At 10/06/2011 12:57 PM, Blogger Delia Psyche said...

Cindy Sherman isn't into gadgetry, is she? I wonder what she'd talk about if she taught. Maybe intangibles.

 
At 10/06/2011 2:51 PM, Anonymous Anonymous said...

I don't mean to suggest that this describes all photographers. It's just a character trait that pops up often enough to not seem like a quirk.

Paul

 
At 10/06/2011 3:15 PM, Blogger adams24 said...

" I suspect the carpentry analogy appeals to a lot of poets with an Apollonian sensibility"---

The above cld be, but I doubt it fits me: I'm more blood and guts and serum and welts; the kicker is I tend not to see anything as incommensurate. Oh, lol, except I do think equating poetry to music is usually not workful; yes, lyric can lead to lyres etc, but...

I agree with Paul finding the craft freakout puzzling; isn't craft another word for writing; ok writing cld be strictly a verb and not require conscious decision but that often gets labeled scribbles or jots.

At best craft can make for more legibility; and anyone who thinks legibility sounds tres fuddy-duddy to single out as a virtue shld think again and see the concept for its vasts. Wow how totally abstractly up-yours of me!

 
At 10/07/2011 11:22 AM, Anonymous Anonymous said...

Gallaher hates craft and perhaps that's why his article and these comments don't talk about it. As interesting as this discussion is, it's a discussion of what metaphors might possibly work IF an actual discussion of craft ever took place. Very telling that the elephant in the room---poetry of quantity---isn't discussed at all.

Thomas Brady (Scarriet)

 
At 10/07/2011 11:28 AM, Blogger John Gallaher said...

Hi TB,

I've no idea what Poetry of Quantity is! Did you mean to say Poetry of Quality?

But that's such a thorny issue. I was thinking of Gudding's essay here, this time. Other times I think about other things. Quality. I love poems of quality. The higher the quality the better!

 
At 10/07/2011 11:45 AM, Blogger Delia Psyche said...

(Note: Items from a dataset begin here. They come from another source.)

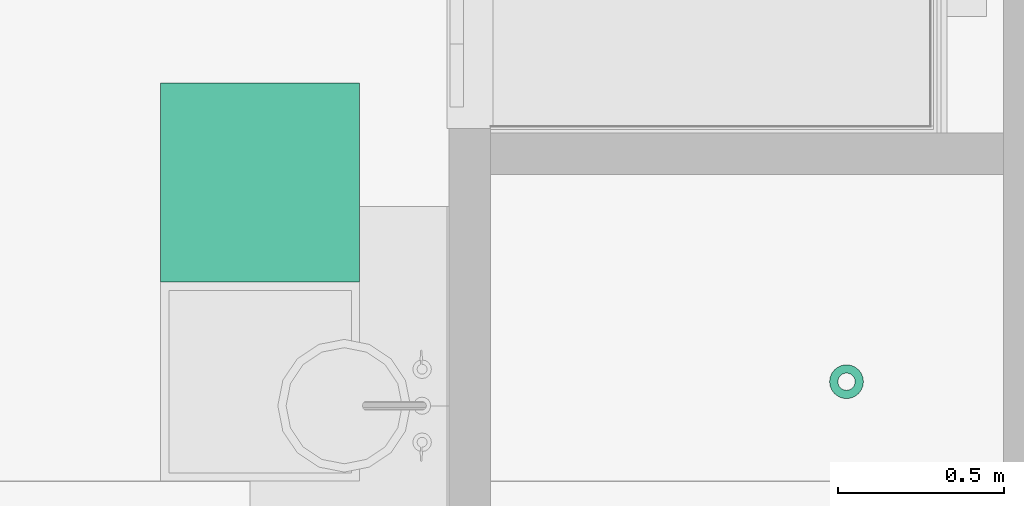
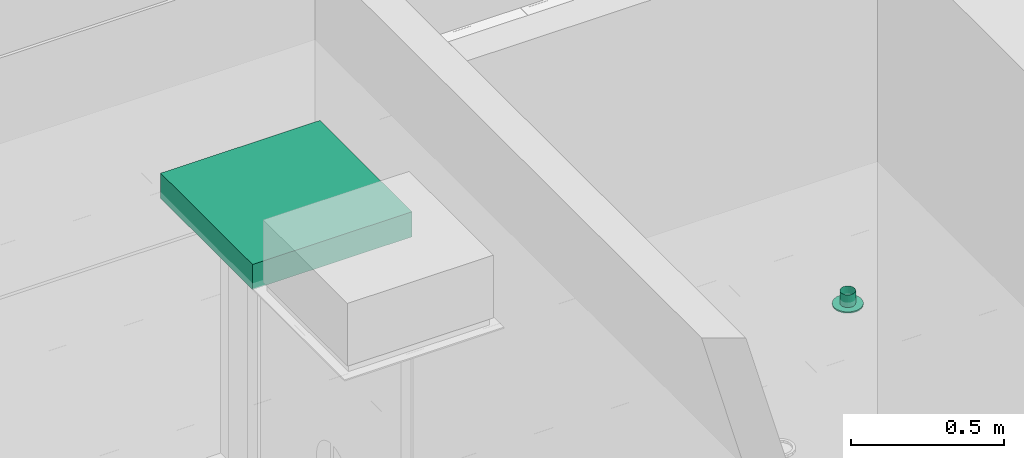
# One storey, part 206 of 347: 2 flow terminals.
"""IFC2X3 building model written with IfcOpenShell, lengths in millimetres."""

from ifc_helpers import new_model, entity, si_unit, converted_unit, derived_unit, money_unit, direction, frame, origin_with_axes, place, context, subcontext, project, spatial, open_shell, faceted_brep, surface_model, source, transform, mapped, type_object, type_shapes, element, save


model = new_model("IFC2X3")

# Units and contexts
model_context = context("Model", 3, precision=0.01, world=origin_with_axes(), true_north=direction((0.0, 1.0)))
plan_context = context("Plan", 3, precision=0.01, world=origin_with_axes(), true_north=direction((0.0, 1.0)))
body_context = subcontext(model_context, "Body", "Model", "MODEL_VIEW")
ifc_project = project(units=[si_unit("LENGTHUNIT", "METRE", prefix="MILLI"), si_unit("AREAUNIT", "SQUARE_METRE"), si_unit("VOLUMEUNIT", "CUBIC_METRE"), converted_unit("PLANEANGLEUNIT", "DEGREE", entity("IfcPlaneAngleMeasure", 0.0174532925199), si_unit("PLANEANGLEUNIT", "RADIAN"), dimensions=[0, 0, 0, 0, 0, 0, 0]), money_unit("EUR"), converted_unit("TIMEUNIT", "Year", entity("IfcTimeMeasure", 31556926.0), si_unit("TIMEUNIT", "SECOND"), dimensions=[0, 0, 1, 0, 0, 0, 0]), si_unit("MASSUNIT", "GRAM", prefix="KILO"), si_unit("THERMODYNAMICTEMPERATUREUNIT", "DEGREE_CELSIUS"), si_unit("LUMINOUSINTENSITYUNIT", "LUMEN"), si_unit("ENERGYUNIT", "JOULE", prefix="MEGA"), derived_unit("THERMALCONDUCTANCEUNIT", [(si_unit("POWERUNIT", "WATT"), 1), (si_unit("LENGTHUNIT", "METRE"), -1), (si_unit("THERMODYNAMICTEMPERATUREUNIT", "KELVIN"), -1)]), derived_unit("SPECIFICHEATCAPACITYUNIT", [(si_unit("ENERGYUNIT", "JOULE"), 1), (si_unit("MASSUNIT", "GRAM", prefix="KILO"), -1), (si_unit("THERMODYNAMICTEMPERATUREUNIT", "KELVIN"), -1)]), derived_unit("MASSDENSITYUNIT", [(si_unit("MASSUNIT", "GRAM", prefix="KILO"), 1), (si_unit("VOLUMEUNIT", "CUBIC_METRE"), -1)])], contexts=[model_context, plan_context])

# Site, building, storey
site_placement = place(None, origin_with_axes())
site = spatial("IfcSite", under=ifc_project, at=site_placement, Name="Site", CompositionType="ELEMENT")
building_placement = place(site_placement, origin_with_axes())
building = spatial("IfcBuilding", under=site, at=building_placement, Name="Naam gebouw", CompositionType="ELEMENT")
storey_placement = place(building_placement, origin_with_axes())
storey = spatial("IfcBuildingStorey", under=building, at=storey_placement, Name="begane grond", CompositionType="ELEMENT", Elevation=0.0)

# Flow terminals
lamp_type = type_object("IfcLampType", Name="TL plafond 25", PredefinedType="NOTDEFINED")
shared_shape_1 = source(origin_with_axes(), body_context, "Body", "SurfaceModel", [
    faceted_brep([(0.0, 0.0, -100.0), (600.0, 0.0, -100.0), (600.0, 0.0, 0.0), (0.0, 0.0, 0.0), (0.0, 600.0, -100.0), (600.0, 600.0, -100.0), (40.0, 40.0, -100.0), (560.0, 40.0, -100.0), (560.0, 560.0, -100.0), (40.0, 560.0, -100.0), (600.0, 600.0, 0.0), (0.0, 600.0, 0.0), (40.0, 40.0, 0.0), (40.0, 560.0, 0.0), (560.0, 560.0, 0.0), (560.0, 40.0, 0.0)], [[[0, 1, 2, 3]], [[0, 4, 5, 1], [6, 7, 8, 9]], [[1, 5, 10, 2]], [[3, 2, 10, 11], [12, 13, 14, 15]], [[4, 0, 3, 11]], [[5, 4, 11, 10]], [[7, 6, 12, 15]], [[8, 7, 15, 14]], [[9, 8, 14, 13]], [[6, 9, 13, 12]]]),
    faceted_brep([(40.0, 40.0, -16.3333333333), (560.0, 40.0, -16.3333333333), (560.0, 40.0, 0.0), (40.0, 40.0, 0.0), (40.0, 560.0, -16.3333333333), (560.0, 560.0, -16.3333333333), (560.0, 560.0, 0.0), (40.0, 560.0, 0.0)], [[[0, 1, 2, 3]], [[0, 4, 5, 1]], [[1, 5, 6, 2]], [[3, 2, 6, 7]], [[4, 0, 3, 7]], [[5, 4, 7, 6]]]),
    surface_model("IfcShellBasedSurfaceModel", [(559.0, 41.0, -100.0), (40.0, 41.0, -100.0), (40.0, 559.0, -100.0), (559.0, 559.0, -100.0)], [open_shell([[[0, 1, 2, 3]]])]),
    faceted_brep([(40.0, 40.0, -100.0), (560.0, 40.0, -100.0), (560.0, 40.0, -60.0), (40.0, 40.0, -60.0), (40.0, 560.0, -100.0), (560.0, 560.0, -100.0), (41.0, 41.0, -100.0), (559.0, 41.0, -100.0), (559.0, 559.0, -100.0), (41.0, 559.0, -100.0), (560.0, 560.0, -60.0), (40.0, 560.0, -60.0), (41.0, 41.0, -60.0), (41.0, 559.0, -60.0), (559.0, 559.0, -60.0), (559.0, 41.0, -60.0)], [[[0, 1, 2, 3]], [[0, 4, 5, 1], [6, 7, 8, 9]], [[1, 5, 10, 2]], [[3, 2, 10, 11], [12, 13, 14, 15]], [[4, 0, 3, 11]], [[5, 4, 11, 10]], [[7, 6, 12, 15]], [[8, 7, 15, 14]], [[9, 8, 14, 13]], [[6, 9, 13, 12]]]),
    faceted_brep([(40.0, 144.0, -48.3333333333), (40.0, 149.740251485, -47.191526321), (560.0, 149.740251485, -47.191526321), (560.0, 144.0, -48.3333333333), (40.0, 138.259748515, -47.191526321), (40.0, 133.393398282, -43.9399350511), (40.0, 130.141807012, -39.0735848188), (40.0, 129.0, -33.3333333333), (40.0, 130.141807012, -27.5930818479), (40.0, 133.393398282, -22.7267316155), (40.0, 138.259748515, -19.4751403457), (40.0, 144.0, -18.3333333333), (40.0, 149.740251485, -19.4751403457), (40.0, 154.606601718, -22.7267316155), (40.0, 157.858192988, -27.5930818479), (40.0, 159.0, -33.3333333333), (40.0, 157.858192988, -39.0735848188), (40.0, 154.606601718, -43.9399350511), (40.0, 144.0, -46.3333333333), (40.0, 148.974884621, -45.343767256), (40.0, 153.192388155, -42.5257214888), (40.0, 156.010433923, -38.3082179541), (40.0, 157.0, -33.3333333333), (40.0, 156.010433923, -28.3584487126), (40.0, 153.192388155, -24.1409451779), (40.0, 148.974884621, -21.3228994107), (40.0, 144.0, -20.3333333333), (40.0, 139.025115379, -21.3228994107), (40.0, 134.807611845, -24.1409451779), (40.0, 131.989566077, -28.3584487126), (40.0, 131.0, -33.3333333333), (40.0, 131.989566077, -38.3082179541), (40.0, 134.807611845, -42.5257214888), (40.0, 139.025115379, -45.343767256), (560.0, 154.606601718, -43.9399350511), (560.0, 157.858192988, -39.0735848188), (560.0, 159.0, -33.3333333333), (560.0, 157.858192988, -27.5930818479), (560.0, 154.606601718, -22.7267316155), (560.0, 149.740251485, -19.4751403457), (560.0, 144.0, -18.3333333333), (560.0, 138.259748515, -19.4751403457), (560.0, 133.393398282, -22.7267316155), (560.0, 130.141807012, -27.5930818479), (560.0, 129.0, -33.3333333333), (560.0, 130.141807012, -39.0735848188), (560.0, 133.393398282, -43.9399350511), (560.0, 138.259748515, -47.191526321), (560.0, 144.0, -46.3333333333), (560.0, 139.025115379, -45.343767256), (560.0, 134.807611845, -42.5257214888), (560.0, 131.989566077, -38.3082179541), (560.0, 131.0, -33.3333333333), (560.0, 131.989566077, -28.3584487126), (560.0, 134.807611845, -24.1409451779), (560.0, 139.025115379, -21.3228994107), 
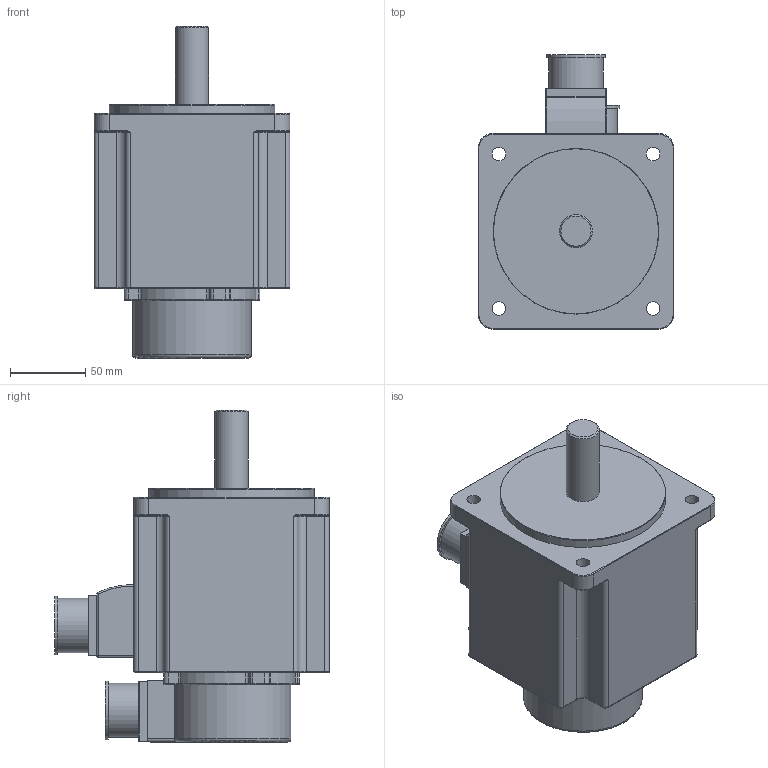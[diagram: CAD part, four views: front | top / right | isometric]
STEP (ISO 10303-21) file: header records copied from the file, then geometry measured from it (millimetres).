
FILE_DESCRIPTION(/* description */ (''),/* implementation_level */ '2;1');
FILE_NAME(/* name */ '130MAL06025.stp',/* time_stamp */ '2019-11-22T13:45:02+08:00',/* author */ (''),/* organization */ (''),/* preprocessor_version */ 'ST-DEVELOPER v16',/* originating_system */ 'SIEMENS PLM Software NX 10.0',/* authorisation */ '');
FILE_SCHEMA (('CONFIG_CONTROL_DESIGN'));
Length unit declared in the file: millimetre
Products named in the file (1): 130MAL06025
Bounding box: 130 x 182.5 x 220.5 mm (x, y, z)
Volume: 2236288.7 mm3; surface area: 124267.9 mm2
Topology: 1 solids, 1 shells, 254 faces, 605 edges, 343 vertices
Faces by surface type: cylinder 117, plane 60, torus 55, sphere 12, bspline 8, cone 2
Full cylindrical faces by diameter (mm): 9 x4, 22 x1, 36 x2, 39 x2, 110 x1
Entity records: 7294 total; most frequent: CARTESIAN_POINT 1396, DIRECTION 1339, ORIENTED_EDGE 1138, EDGE_CURVE 569, AXIS2_PLACEMENT_3D 545, VERTEX_POINT 337, CIRCLE 296, EDGE_LOOP 282
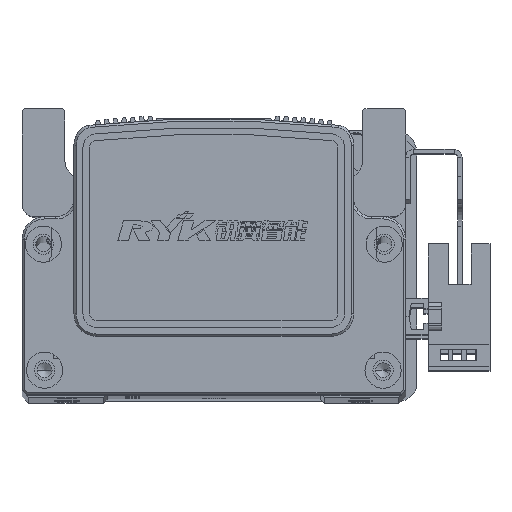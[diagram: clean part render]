
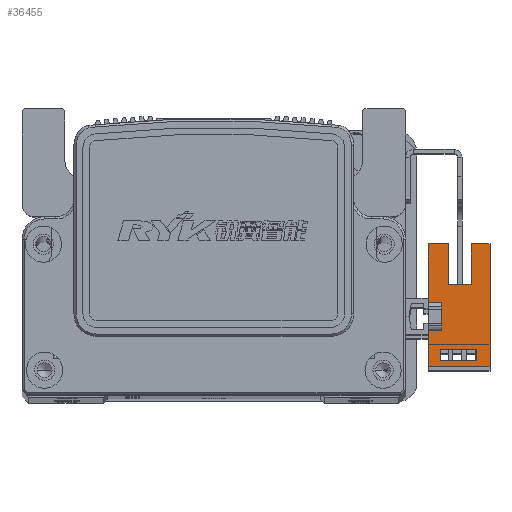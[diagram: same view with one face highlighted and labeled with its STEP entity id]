
A CAD part, top view. The second image highlights one B-rep face of the part: STEP entity #36455.
In plain terms, the highlighted planar face has unit normal (0, 0, 1) as drawn and (1, 0, 0) by its records, which use the part's own axes.
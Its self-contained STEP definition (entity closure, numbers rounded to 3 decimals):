
#11660 = AXIS2_PLACEMENT_3D ( 'NONE', #26209, #26229, #26242 ) ;
#13378 = VERTEX_POINT ( 'NONE', #36105 ) ;
#13508 = VERTEX_POINT ( 'NONE', #22534 ) ;
#13559 = VERTEX_POINT ( 'NONE', #22612 ) ;
#13571 = VERTEX_POINT ( 'NONE', #22663 ) ;
#13592 = VERTEX_POINT ( 'NONE', #22653 ) ;
#13671 = VERTEX_POINT ( 'NONE', #22659 ) ;
#15868 = CARTESIAN_POINT ( 'NONE',  ( 3.2, 3.1, 0. ) ) ;
#15870 = CARTESIAN_POINT ( 'NONE',  ( 3.2, 7.1, -6.5 ) ) ;
#15878 = CARTESIAN_POINT ( 'NONE',  ( 3.2, -3.1, 0. ) ) ;
#20461 = FACE_OUTER_BOUND ( 'NONE', #29423, .T. ) ;
#20475 = FACE_BOUND ( 'NONE', #29428, .T. ) ;
#22534 = CARTESIAN_POINT ( 'NONE',  ( 3.2, -3.1, 3. ) ) ;
#22612 = CARTESIAN_POINT ( 'NONE',  ( 3.2, 16.1, -10.7 ) ) ;
#22653 = CARTESIAN_POINT ( 'NONE',  ( 3.2, 16.1, 3. ) ) ;
#22659 = CARTESIAN_POINT ( 'NONE',  ( 3.2, 3.1, 3. ) ) ;
#22663 = CARTESIAN_POINT ( 'NONE',  ( 3.2, 16.1, -6.5 ) ) ;
#26209 = CARTESIAN_POINT ( 'NONE',  ( 3.2, 16.1, -10.7 ) ) ;
#26229 = DIRECTION ( 'NONE',  ( 1., 0., 0. ) ) ;
#26241 = PLANE ( 'NONE',  #11660 ) ;
#26242 = DIRECTION ( 'NONE',  ( 0., 1., 0. ) ) ;
#29423 = EDGE_LOOP ( 'NONE', ( #59808, #59763, #59761, #59839, #59791, #59806, #59792, #59800, #59810, #59783, #59834, #59829 ) ) ;
#29428 = EDGE_LOOP ( 'NONE', ( #59766, #59768, #59779, #59831 ) ) ;
#36105 = CARTESIAN_POINT ( 'NONE',  ( 3.2, -11.1, 3. ) ) ;
#36455 = ADVANCED_FACE ( 'NONE', ( #20461, #20475 ), #26241, .T. ) ;
#40261 = EDGE_CURVE ( 'NONE', #57428, #13671, #63963, .T. ) ;
#40281 = EDGE_CURVE ( 'NONE', #13378, #13508, #64021, .T. ) ;
#40286 = EDGE_CURVE ( 'NONE', #13559, #13571, #63974, .T. ) ;
#40306 = EDGE_CURVE ( 'NONE', #13671, #13592, #64012, .T. ) ;
#40313 = EDGE_CURVE ( 'NONE', #13508, #57429, #64069, .T. ) ;
#40321 = EDGE_CURVE ( 'NONE', #57478, #57480, #64065, .T. ) ;
#40324 = EDGE_CURVE ( 'NONE', #57453, #13378, #64060, .T. ) ;
#40331 = EDGE_CURVE ( 'NONE', #57439, #57478, #64089, .T. ) ;
#40335 = EDGE_CURVE ( 'NONE', #57480, #57468, #64043, .T. ) ;
#40339 = EDGE_CURVE ( 'NONE', #57453, #13559, #62942, .T. ) ;
#40343 = EDGE_CURVE ( 'NONE', #57467, #13592, #62903, .T. ) ;
#40346 = EDGE_CURVE ( 'NONE', #57432, #57456, #62937, .T. ) ;
#40348 = EDGE_CURVE ( 'NONE', #57468, #57439, #62935, .T. ) ;
#40354 = EDGE_CURVE ( 'NONE', #57456, #57467, #62947, .T. ) ;
#40360 = EDGE_CURVE ( 'NONE', #13571, #57432, #62897, .T. ) ;
#40381 = EDGE_CURVE ( 'NONE', #57429, #57428, #63788, .T. ) ;
#43019 = CARTESIAN_POINT ( 'NONE',  ( 3.2, -9.83, -7.7 ) ) ;
#43021 = CARTESIAN_POINT ( 'NONE',  ( 3.2, 7.1, -1.5 ) ) ;
#43029 = CARTESIAN_POINT ( 'NONE',  ( 3.2, -7.33, -7.7 ) ) ;
#43038 = CARTESIAN_POINT ( 'NONE',  ( 3.2, -7.33, 0.3 ) ) ;
#43057 = CARTESIAN_POINT ( 'NONE',  ( 3.2, -9.83, 0.3 ) ) ;
#43070 = CARTESIAN_POINT ( 'NONE',  ( 3.2, 16.1, -1.5 ) ) ;
#43074 = CARTESIAN_POINT ( 'NONE',  ( 3.2, -11.1, -10.7 ) ) ;
#57428 = VERTEX_POINT ( 'NONE', #15868 ) ;
#57429 = VERTEX_POINT ( 'NONE', #15878 ) ;
#57432 = VERTEX_POINT ( 'NONE', #15870 ) ;
#57439 = VERTEX_POINT ( 'NONE', #43029 ) ;
#57453 = VERTEX_POINT ( 'NONE', #43074 ) ;
#57456 = VERTEX_POINT ( 'NONE', #43021 ) ;
#57467 = VERTEX_POINT ( 'NONE', #43070 ) ;
#57468 = VERTEX_POINT ( 'NONE', #43019 ) ;
#57478 = VERTEX_POINT ( 'NONE', #43038 ) ;
#57480 = VERTEX_POINT ( 'NONE', #43057 ) ;
#59761 = ORIENTED_EDGE ( 'NONE', *, *, #40354, .T. ) ;
#59763 = ORIENTED_EDGE ( 'NONE', *, *, #40346, .T. ) ;
#59766 = ORIENTED_EDGE ( 'NONE', *, *, #40321, .F. ) ;
#59768 = ORIENTED_EDGE ( 'NONE', *, *, #40331, .F. ) ;
#59779 = ORIENTED_EDGE ( 'NONE', *, *, #40348, .F. ) ;
#59783 = ORIENTED_EDGE ( 'NONE', *, *, #40324, .F. ) ;
#59791 = ORIENTED_EDGE ( 'NONE', *, *, #40306, .F. ) ;
#59792 = ORIENTED_EDGE ( 'NONE', *, *, #40381, .F. ) ;
#59800 = ORIENTED_EDGE ( 'NONE', *, *, #40313, .F. ) ;
#59806 = ORIENTED_EDGE ( 'NONE', *, *, #40261, .F. ) ;
#59808 = ORIENTED_EDGE ( 'NONE', *, *, #40360, .T. ) ;
#59810 = ORIENTED_EDGE ( 'NONE', *, *, #40281, .F. ) ;
#59829 = ORIENTED_EDGE ( 'NONE', *, *, #40286, .T. ) ;
#59831 = ORIENTED_EDGE ( 'NONE', *, *, #40335, .F. ) ;
#59834 = ORIENTED_EDGE ( 'NONE', *, *, #40339, .T. ) ;
#59839 = ORIENTED_EDGE ( 'NONE', *, *, #40343, .T. ) ;
#60913 = CARTESIAN_POINT ( 'NONE',  ( 3.2, 3.1, 3. ) ) ;
#60956 = DIRECTION ( 'NONE',  ( 0., 0., 1. ) ) ;
#60980 = DIRECTION ( 'NONE',  ( 0., 1., 0. ) ) ;
#61041 = CARTESIAN_POINT ( 'NONE',  ( 3.2, 16.1, 3. ) ) ;
#61045 = CARTESIAN_POINT ( 'NONE',  ( 3.2, 16.1, -10.7 ) ) ;
#61046 = DIRECTION ( 'NONE',  ( 0., 0., 1. ) ) ;
#61062 = DIRECTION ( 'NONE',  ( 0., 1., 0. ) ) ;
#61131 = CARTESIAN_POINT ( 'NONE',  ( 3.2, 16.1, 3. ) ) ;
#61139 = CARTESIAN_POINT ( 'NONE',  ( 3.2, -7.33, -10.7 ) ) ;
#61146 = CARTESIAN_POINT ( 'NONE',  ( 3.2, -3.1, 3. ) ) ;
#61168 = CARTESIAN_POINT ( 'NONE',  ( 3.2, -11.1, 3. ) ) ;
#61170 = DIRECTION ( 'NONE',  ( 0., 0., -1. ) ) ;
#61182 = DIRECTION ( 'NONE',  ( 0., 0., 1. ) ) ;
#61188 = DIRECTION ( 'NONE',  ( 0., -1., 0. ) ) ;
#61193 = CARTESIAN_POINT ( 'NONE',  ( 3.2, 16.1, 0.3 ) ) ;
#61206 = CARTESIAN_POINT ( 'NONE',  ( 3.2, -9.83, -10.7 ) ) ;
#61208 = DIRECTION ( 'NONE',  ( 0., 0., 1. ) ) ;
#61222 = DIRECTION ( 'NONE',  ( 0., 0., 1. ) ) ;
#61225 = DIRECTION ( 'NONE',  ( 0., 0., -1. ) ) ;
#61227 = CARTESIAN_POINT ( 'NONE',  ( 3.2, 7.1, -6.5 ) ) ;
#61230 = CARTESIAN_POINT ( 'NONE',  ( 3.2, 16.1, -10.7 ) ) ;
#61241 = CARTESIAN_POINT ( 'NONE',  ( 3.2, 16.1, -10.7 ) ) ;
#61266 = CARTESIAN_POINT ( 'NONE',  ( 3.2, 16.1, -7.7 ) ) ;
#61280 = DIRECTION ( 'NONE',  ( 0., 0., 1. ) ) ;
#61288 = DIRECTION ( 'NONE',  ( 0., 1., 0. ) ) ;
#61304 = DIRECTION ( 'NONE',  ( 0., 1., 0. ) ) ;
#61325 = DIRECTION ( 'NONE',  ( 0., -1., 0. ) ) ;
#61341 = CARTESIAN_POINT ( 'NONE',  ( 3.2, 25.1, -1.5 ) ) ;
#61374 = CARTESIAN_POINT ( 'NONE',  ( 3.2, 25.1, -6.5 ) ) ;
#61376 = DIRECTION ( 'NONE',  ( 0., 1., 0. ) ) ;
#61419 = CARTESIAN_POINT ( 'NONE',  ( 3.2, 0., 0. ) ) ;
#61469 = DIRECTION ( 'NONE',  ( 0., 1., 0. ) ) ;
#62886 = VECTOR ( 'NONE', #61376, 1000. ) ;
#62889 = VECTOR ( 'NONE', #61288, 1000. ) ;
#62897 = LINE ( 'NONE', #61374, #62948 ) ;
#62903 = LINE ( 'NONE', #61230, #62920 ) ;
#62916 = VECTOR ( 'NONE', #61222, 1000. ) ;
#62920 = VECTOR ( 'NONE', #61208, 1000. ) ;
#62935 = LINE ( 'NONE', #61266, #62939 ) ;
#62937 = LINE ( 'NONE', #61227, #62916 ) ;
#62939 = VECTOR ( 'NONE', #61304, 1000. ) ;
#62942 = LINE ( 'NONE', #61241, #62889 ) ;
#62947 = LINE ( 'NONE', #61341, #62886 ) ;
#62948 = VECTOR ( 'NONE', #61325, 1000. ) ;
#63788 = LINE ( 'NONE', #61419, #63808 ) ;
#63808 = VECTOR ( 'NONE', #61469, 1000. ) ;
#63963 = LINE ( 'NONE', #60913, #63971 ) ;
#63971 = VECTOR ( 'NONE', #60956, 1000. ) ;
#63974 = LINE ( 'NONE', #61045, #64008 ) ;
#63981 = VECTOR ( 'NONE', #60980, 1000. ) ;
#64008 = VECTOR ( 'NONE', #61046, 1000. ) ;
#64012 = LINE ( 'NONE', #61131, #64013 ) ;
#64013 = VECTOR ( 'NONE', #61062, 1000. ) ;
#64021 = LINE ( 'NONE', #61041, #63981 ) ;
#64039 = VECTOR ( 'NONE', #61280, 1000. ) ;
#64043 = LINE ( 'NONE', #61206, #64047 ) ;
#64047 = VECTOR ( 'NONE', #61225, 1000. ) ;
#64051 = VECTOR ( 'NONE', #61170, 1000. ) ;
#64060 = LINE ( 'NONE', #61168, #64087 ) ;
#64065 = LINE ( 'NONE', #61193, #64078 ) ;
#64069 = LINE ( 'NONE', #61146, #64051 ) ;
#64078 = VECTOR ( 'NONE', #61188, 1000. ) ;
#64087 = VECTOR ( 'NONE', #61182, 1000. ) ;
#64089 = LINE ( 'NONE', #61139, #64039 ) ;

I was just about to go to my TB ward to see if there's anything good on TB.

 
At 10/07/2011 12:18 PM, Anonymous Anonymous said...

I want to hear about poetry of quantity. Poetry of staggering, backbreaking quantity. More, more, more!

Maybe Silliman's 'The Alphabet' would qualify.

Paul

 
At 10/07/2011 12:47 PM, Blogger Delia Psyche said...

"poetry of quantity" is metered, right? I.e., verse.

Word verification: derst

 
At 10/07/2011 1:34 PM, Blogger John Gallaher said...

Clearly there needs to be a manifesto.

 
At 10/07/2011 2:12 PM, Anonymous Anonymous said...

The manifesto must of course be written by a poet of quantity.

It would make a nice preface to a 100% inclusive, coffee table-sized anthology of maximalist long verse, in large print suitable for children or the seeing-impaired.